A homomorphism of a fibre space $(X,E,p)$ to another fibre space $(X',E',p')$ is a pair of maps
$f:X\rightarrow X'$ and $g:E\rightarrow E'$ such that $p'\circ g=f\circ p$. In this case $g$ maps fibres to fibres.
**Definition** : Let $(X,E,p)$ be a fibre space over $X$. Let $f:X'\rightarrow X$ be a continuous map. Then we define **inverse image of
fibre space** $(X,E,p)$ to be the fibre space $(X',E',p')$ where $E'=\{(a,e):f(a)=p(e)\}\subseteq X'\times E$ and
$p':E'\rightarrow X'$ is given by $p'(a,e)=a$.
**Definition** : Let $(X,E,p)$ be a fibre space and $(X,E',p')$ be another fibre space. This gives a map $$p\times p': E\times E'\rightarrow X\times X$$ with $(a,b)\mapsto (p(a),p'(b))$ making $(X\times X, E\times E', p\times p')$ into a fibre space. Consider diagonal map $\Delta:X\rightarrow X\times X$ given by $x\mapsto (x,x)$. Inverse image of $(X\times X, E\times E', p\times p')$ under $\Delta$ is what is called as **fibre product of $(X,E,p)$ with $(X,E',p')$**, denoted by $E\times_X E'$.
**Definition** : Let $E$ be a fibre space over $X$, provided with the supplement structure defined by a homomorphism of the fibre product
$E\times_X E\rightarrow E$, or what is the same, a law of composition defined in each fibre $E_x$ such that the corresponding global map $E\times_X E\rightarrow E$ be continuous.
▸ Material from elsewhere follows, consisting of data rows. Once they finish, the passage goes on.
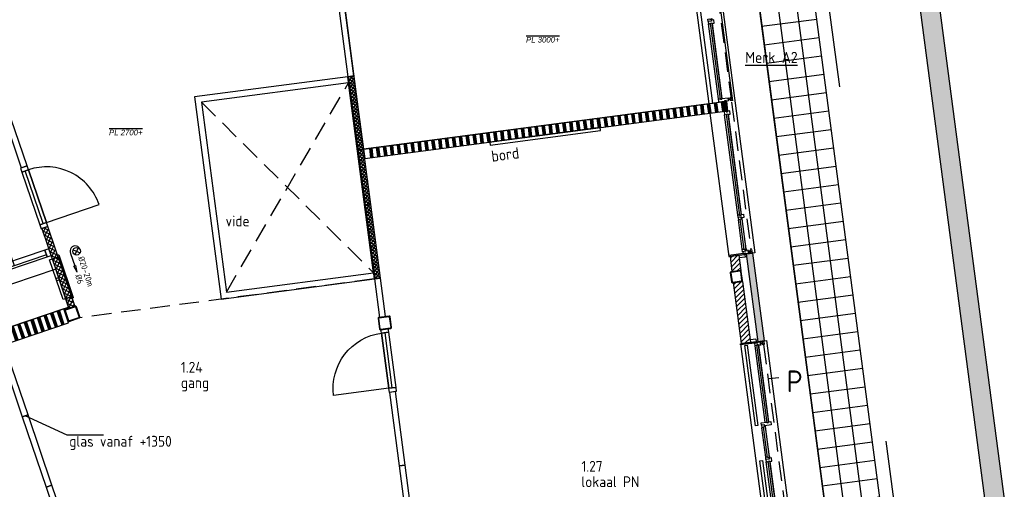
# Model space of a CAD drawing. Header units: millimetres. Extents: x -30977 to 210218, y -180497 to 109503.
# Tile 6 of 31: x 51097 to 67023, y -157677 to -150078. Entities that reach past the tile are written whole.
import ezdxf
from ezdxf.xclip import XClip

# ---------------------------------------------------------------- set-up
doc = ezdxf.new("R2010")
doc.units = ezdxf.units.MM
doc.header["$LTSCALE"] = 100
doc.header["$XCLIPFRAME"] = 2
doc.linetypes.add('082403 X-ref$0$DASHED2', pattern=[9.525, 6.35, -3.175])
doc.linetypes.add('082403 X-ref$0$HIDDEN2', pattern=[4.7625, 3.175, -1.5875])
for name, color, linetype in [('082403 X-ref$0$Beveilig-Alg-Az', 253, 'Continuous'), ('082403 X-ref$0$Beveilig-Alg-Txt', 253, 'Continuous'), ('082403 X-ref$0$bib', 253, 'Continuous'), ('082403 X-ref$0$BiKoz-Draai-Az', 253, 'Continuous'), ('082403 X-ref$0$BiKoz-Hout-Az', 253, 'Continuous'), ('082403 X-ref$0$BiKoz-Hout-Drs', 253, 'Continuous'), ('082403 X-ref$0$BiWand-Alg-Arc', 8, 'Continuous'), ('082403 X-ref$0$BiWand-Bakst-Drs', 253, 'Continuous'), ('082403 X-ref$0$BiWand-Syst-Drs', 253, 'Continuous'), ('082403 X-ref$0$BuKoz-Alum-Az', 253, 'Continuous'), ('082403 X-ref$0$BuWand-Alg-Arc', 253, 'Continuous'), ('082403 X-ref$0$BuWand-Bakst-Drs', 253, 'Continuous'), ('082403 X-ref$0$Construct-Beton-Drs', 253, 'Continuous'), ('082403 X-ref$0$Construct-Staal-Drs', 253, 'Continuous'), ('082403 X-ref$0$DakAfw-Alg-Arc', 8, 'Continuous'), ('082403 X-ref$0$DakAfw-Alg-Az', 253, 'Continuous'), ('082403 X-ref$0$Daken-Staal-Drs', 253, 'Continuous'), ('082403 X-ref$0$dakrandarceer', 253, 'Continuous'), ('082403 X-ref$0$DIM25', 8, 'Continuous'), ('082403 X-ref$0$Inricht-Alg-Az', 253, 'Continuous'), ('082403 X-ref$0$Isolatie-Alg-Drs', 253, 'Continuous'), ('082403 X-ref$0$kozijn', 8, 'Continuous'), ('082403 X-ref$0$kozijn1', 8, 'Continuous'), ('082403 X-ref$0$MTXT18-100', 253, 'Continuous'), ('082403 X-ref$0$MTXT25-1', 253, 'Continuous'), ('082403 X-ref$0$MTXT35-1', 253, 'Continuous'), ('082403 X-ref$0$nieuw uitzet', 253, 'Continuous'), ('082403 X-ref$0$Plafond-Hout-Drs', 8, 'Continuous'), ('082403 X-ref$0$TXT18', 253, 'Continuous'), ('082403 X-ref$0$TXT35', 253, 'Continuous')]:
    doc.layers.add(name, color=color, linetype=linetype)
doc.layers.add('082403 X-ref$0$Opp mfa', color=8, linetype='Continuous', plot=False)
doc.styles.add('082403 X-ref$0$BOS', font='isocp.shx')
doc.styles.add('082403 X-ref$0$BOS3', font='isocp.shx')
pattern_1 = [(45, (0, 0), (-40.411153, 40.411153), [])]

# ---------------------------------------------------------------- blocks, each defined once
blk = doc.blocks.new('082403 X-ref$0$binkozschuif')
at = {"layer": '082403 X-ref$0$BiKoz-Hout-Az', "linetype": 'Continuous'}
for p, q in [((67, 85), (1163, 85)), ((1063, 28), (2158, 28))]:
    blk.add_line(p, q, dxfattribs=at)
at = {"layer": '082403 X-ref$0$BiKoz-Hout-Az'}
for p, q in [((615, 85), (615, -65)), ((1610, 28), (1610, -65)), ((615, -65), (785, -65)), ((1610, -65), (1440, -65))]:
    blk.add_line(p, q, dxfattribs=at)
blk.add_lwpolyline([(67, 0), (2158, 0), (2158, 114), (67, 114)], close=True, dxfattribs=at)
for points in [[(785, -65, 0, 37.5, 0), (710, -65, 37.5, 37.5, 0)], [(1440, -65, 0, 37.5, 0), (1515, -65, 37.5, 37.5, 0)]]:
    blk.add_lwpolyline(points, format="xyseb", dxfattribs=at)
at = {"layer": '082403 X-ref$0$BiKoz-Hout-Drs'}
for points in [[(0, 0), (67, 0), (67, 114), (0, 114)], [(2158, 0), (2225, 0), (2225, 114), (2158, 114)]]:
    blk.add_lwpolyline(points, close=True, dxfattribs=at)
blk = doc.blocks.new('082403 X-ref$0$_K180x10')
at = {"layer": '082403 X-ref$0$Construct-Staal-Drs'}
for points in [[(75, 90), (-75, 90, 0.414214), (-90, 75), (-90, -75, 0.414214), (-75, -90), (75, -90, 0.414214), (90, -75), (90, 75, 0.414214)], [(75, 80), (-75, 80, 0.414214), (-80, 75), (-80, -75, 0.414214), (-75, -80), (75, -80, 0.414214), (80, -75), (80, 75, 0.414214)]]:
    blk.add_lwpolyline(points, format="xyb", close=True, dxfattribs=at)
blk = doc.blocks.new('082403 X-ref$0$dtboord01')
at = {"layer": '082403 X-ref$0$Inricht-Alg-Az'}
blk.add_lwpolyline([(0, -50), (1800, -50), (1800, 0), (0, 0)], close=True, dxfattribs=at)
at = {"layer": '082403 X-ref$0$MTXT18-100', "style": '082403 X-ref$0$BOS3'}
blk.add_text('bord', height=180, dxfattribs=at).set_placement((-5, -322))
blk = doc.blocks.new('082403 X-ref$0$binkozdeur1034')
at = {"layer": '082403 X-ref$0$BiKoz-Draai-Az'}
blk.add_lwpolyline([(967, 0), (67, 0), (67, -900, 0.414214)], format="xyb", close=True, dxfattribs=at)
at = {"layer": '082403 X-ref$0$BiKoz-Hout-Az'}
blk.add_line((67, 57), (967, 57), dxfattribs=at)
blk.add_lwpolyline([(67, 0), (967, 0), (967, 114), (67, 114)], close=True, dxfattribs=at)
at = {"layer": '082403 X-ref$0$BiKoz-Hout-Drs'}
for points in [[(0, 0), (67, 0), (67, 114), (0, 114)], [(967, 0), (1034, 0), (1034, 114), (967, 114)]]:
    blk.add_lwpolyline(points, close=True, dxfattribs=at)
blk = doc.blocks.new('082403 X-ref$0$_K200x10')
at = {"layer": '082403 X-ref$0$Construct-Staal-Drs'}
for points in [[(85, 100), (-85, 100, 0.414214), (-100, 85), (-100, -85, 0.414214), (-85, -100), (85, -100, 0.414214), (100, -85), (100, 85, 0.414214)], [(85, 90), (-85, 90, 0.414214), (-90, 85), (-90, -85, 0.414214), (-85, -90), (85, -90, 0.414214), (90, -85), (90, 85, 0.414214)]]:
    blk.add_lwpolyline(points, format="xyb", close=True, dxfattribs=at)
blk = doc.blocks.new('082403 X-ref$0$brandslanghaspel 20m')
at = {"layer": '082403 X-ref$0$Beveilig-Alg-Az'}
for p, q in [((-86, 291), (86, 119)), ((-86, 119), (86, 291)), ((0, 0), (424, 0)), ((424, -30), (424, 30)), ((644, 0), (424, 30)), ((644, 0), (424, -30))]:
    blk.add_line(p, q, dxfattribs=at)
blk.add_circle((0, 205), 122, dxfattribs=at)
blk.add_arc((-27, 163), 165, 80.6472, 279.3528, dxfattribs=at)
at = {"layer": '082403 X-ref$0$Beveilig-Alg-Txt', "style": '082403 X-ref$0$BOS'}
for s, p in [('%%C20-20m', (202, 180)), ('%%C6', (728, -98))]:
    blk.add_text(s, height=200, dxfattribs=at).set_placement(p)
blk = doc.blocks.new('082403 X-ref$0$ruimtenummer met m2_1')
at = {"layer": '082403 X-ref$0$MTXT25-1', "style": '082403 X-ref$0$BOS'}
blk.add_attdef('OPPERVLAKTE', (0, 498), '', height=250, dxfattribs=at)
at = {"layer": '082403 X-ref$0$MTXT35-1', "style": '082403 X-ref$0$BOS'}
for tag, p in [('RUIMTENUMMER', (-8, 1448)), ('RUIMTENAAM', (-8, 948))]:
    blk.add_attdef(tag, p, '', height=350, dxfattribs=at)
blk = doc.blocks.new('082403 X-ref$0$brandslanghaspel 25-30m inbouw')
at = {"layer": '082403 X-ref$0$Beveilig-Alg-Az', "linetype": 'Continuous', "ltscale": 400}
blk.add_lwpolyline([(-367.5, 0), (367.5, 0), (367.5, -18, -0.414214), (364.5, -21), (-364.5, -21, -0.414214), (-367.5, -18)], format="xyb", close=True, dxfattribs=at)
at = {"layer": '082403 X-ref$0$Beveilig-Alg-Az'}
blk.add_lwpolyline([(-340, 0), (-340, 144), (340, 144), (340, 0)], close=True, dxfattribs=at)
at = {"layer": '082403 X-ref$0$Beveilig-Alg-Az', "linetype": '082403 X-ref$0$HIDDEN2', "ltscale": 0.1}
blk.add_lwpolyline([(19.999512, 144), (19.999512, 111.200195, -1), (-20.000488, 111.200192), (-20, 144)], format="xyb", dxfattribs=at)
blk = doc.blocks.new('082403 X-ref')
at = {"layer": '082403 X-ref$0$BiWand-Alg-Arc'}
h = blk.add_hatch(dxfattribs=at)
h.set_pattern_fill('_USER', color=8, scale=40, angle=52.5, style=0, double=1, pattern_type=0)
h.set_pattern_definition([(52.5, (12512.03, 4526.255), (-31.734134, 24.350457), []), (142.5, (12512.03, 4526.255), (-24.350457, -31.734134), [])])
h.paths.add_polyline_path([(6953, 121267), (7052, 121280), (6895, 122470), (6796, 122457)])
h = blk.add_hatch(dxfattribs=at)
h.set_pattern_fill('SWAND', color=8, angle=168.75, style=0)
h.set_pattern_definition([(277.5, (-6e-11, 6e-14), (111.53755, 14.6842), []), (277.5, (-6.2, -0.82), (111.53755, 14.6842), []), (277.5, (-12.39, -1.63), (111.53755, 14.6842), []), (277.5, (-18.59, -2.45), (111.53755, 14.6842), []), (277.5, (-24.79, -3.26), (111.53755, 14.6842), []), (277.5, (-30.98, -4.08), (111.53755, 14.6842), []), (277.5, (-37.18, -4.9), (111.53755, 14.6842), [])])
h.paths.add_polyline_path([(12901, 121901), (12882, 122050), (7101, 121289), (7121, 121140)])
h = blk.add_hatch(dxfattribs=at)
h.set_pattern_fill('_USER', color=8, scale=40, angle=52.5, style=0, double=1, pattern_type=0)
h.set_pattern_definition([(52.5, (12668.667, 3336.52), (-31.734134, 24.350457), []), (142.5, (12668.667, 3336.52), (-24.350457, -31.734134), [])])
h.paths.add_polyline_path([(7070, 120375), (7169, 120388), (7052, 121280), (6953, 121267)])
h = blk.add_hatch(dxfattribs=at)
h.set_pattern_fill('_USER', color=8, scale=40, angle=52.5, style=0, double=1, pattern_type=0)
h.set_pattern_definition([(52.5, (12786.14, 2444.22), (-31.734134, 24.350457), []), (142.5, (12786.14, 2444.22), (-24.350457, -31.734134), [])])
h.paths.add_polyline_path([(7227, 119185), (7326, 119198), (7169, 120388), (7070, 120375)])
h = blk.add_hatch(dxfattribs=at)
h.set_pattern_fill('_USER', color=8, scale=50, angle=45, style=0, double=1, pattern_type=0)
h.set_pattern_definition([(63.75, (-279.57, 9225.724), (-44.843637, 22.114435), []), (153.75, (-279.57, 9225.724), (-22.114435, -44.843637), [])])
h.paths.add_polyline_path([(1849, 120003), (2234, 118866), (2329, 118899), (1943, 120035)])
h = blk.add_hatch(dxfattribs=at)
h.set_pattern_fill('_USER', color=8, scale=50, angle=45, style=0, double=1, pattern_type=0)
h.set_pattern_definition([(333.75, (3496.25, 111474.41), (22.11443, 44.84364), []), (63.75, (3496.25, 111474.41), (-44.84364, 22.11443), [])])
h.paths.add_polyline_path([(2288, 118709), (2234, 118866), (2329, 118899), (2382, 118741)])
h = blk.add_hatch(dxfattribs=at)
h.set_pattern_fill('SWAND', color=8, style=0)
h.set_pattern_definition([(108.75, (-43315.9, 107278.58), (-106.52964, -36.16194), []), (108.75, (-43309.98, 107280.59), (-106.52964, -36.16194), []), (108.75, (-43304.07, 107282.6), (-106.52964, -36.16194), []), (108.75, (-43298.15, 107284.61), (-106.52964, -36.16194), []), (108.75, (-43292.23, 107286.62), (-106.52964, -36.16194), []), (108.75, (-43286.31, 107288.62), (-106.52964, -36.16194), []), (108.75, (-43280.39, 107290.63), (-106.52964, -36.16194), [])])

This is called **fibre space with composition law**.
**Definition** : A **group bundle $E$ over $X$** is a fibre space with composition law over $X$ such that for each $x\in X$, the fibre $E_x$ of $E$ is a group, the unit of which depends continuously on $x$, and that the map of $E$ into itself which on each fibre $E_x$ reduces to $z\mapsto z^{-1}$ be continuous.
**Definition** : Let $G$ be a group bundle on $X$ and $A$ be a fibre space on $X$. We say that **$G$ operates at left on $A$** if we are given a homomorphism $G\times_X A\rightarrow A$ such that for each $x\in X$ the corresponding map $G_x\times A_x\rightarrow A_x$ is a group action.
---
I am almost sure that by **the unit of which depends continuously on $x$** it means the map $X\rightarrow E$ given by $x\mapsto e_x\in E_x\subseteq E$ is a continuous map, correct me if I am wrong.
---
In case of that article, $G$ is a bundle of groups on $X$ (i.e., fibre space $G\rightarrow X$) and $P\rightarrow X$ is a fibre space. Then there is fibre prodcut $(G\times_X P,X)$.
By $G\times_X P\rightarrow P$ it actually means homomorphism of fibre space $(G\times_X P,X)$ to $(P,X)$ i.e., it maps fibres to fibres in particular $G_x\times P_x$ is mapped to $P_x$.